== WHAT YOU WILL DO ==
With the images removed, return every line below exactly as it reads.

== RECORD EXTRACTS ==

-*-*-

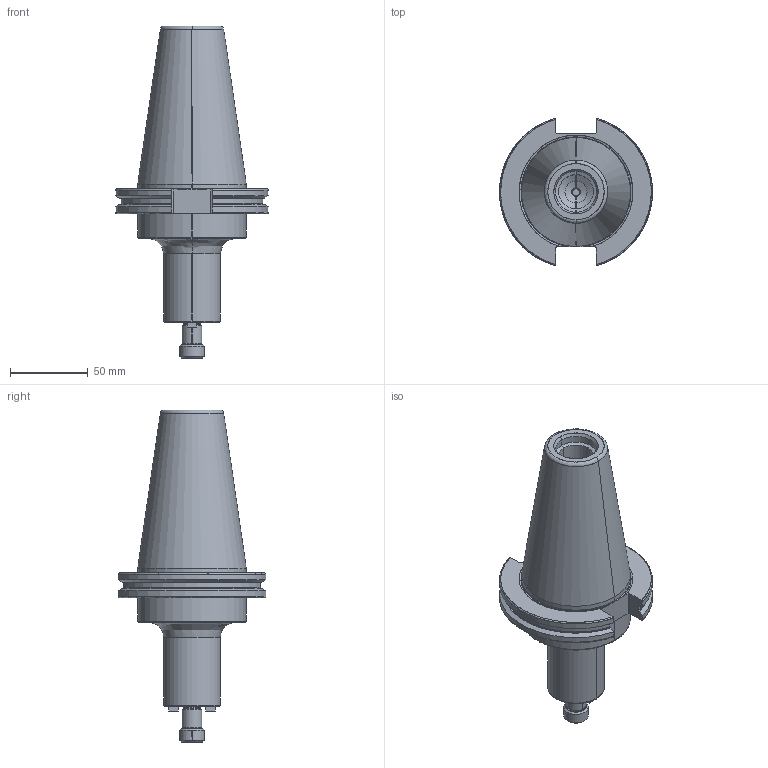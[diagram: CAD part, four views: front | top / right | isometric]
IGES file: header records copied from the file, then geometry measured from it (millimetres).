
Start section: SolidWorks IGES file using analytic representation for surfaces
Global section: file name: C:\ProgramData\Alignex\DDS\processing\files\C6S5-0500\igs\C6S5-0500.igs; native system: SolidWorks 2013; preprocessor: SolidWorks 2013; author: SYSTEM; date: 130213.162515; units: inch
Bounding box: 98.3 x 94.95 x 213.47 mm (x, y, z)
Surface area: 59650.8 mm2 (no closed solid volume)
Topology: 0 solids, 0 shells, 240 faces, 3068 edges, 3056 vertices
Faces by surface type: revolution 131, bspline 109

-*-*-

== THE ANSWER ==
[diagram: CAD part, four views: front | top / right | isometric]
IGES file: header records copied from the file, then geometry measured from it (millimetres).
Start section: SolidWorks IGES file using analytic representation for surfaces
Global section: file name: C:\ProgramData\Alignex\DDS\processing\files\C6S5-0500\igs\C6S5-0500.igs; native system: SolidWorks 2013; preprocessor: SolidWorks 2013; author: SYSTEM; date: 130213.162515; units: inch
Bounding box: 98.3 x 94.95 x 213.47 mm (x, y, z)
Surface area: 59650.8 mm2 (no closed solid volume)
Topology: 0 solids, 0 shells, 240 faces, 3068 edges, 3056 vertices
Faces by surface type: revolution 131, bspline 109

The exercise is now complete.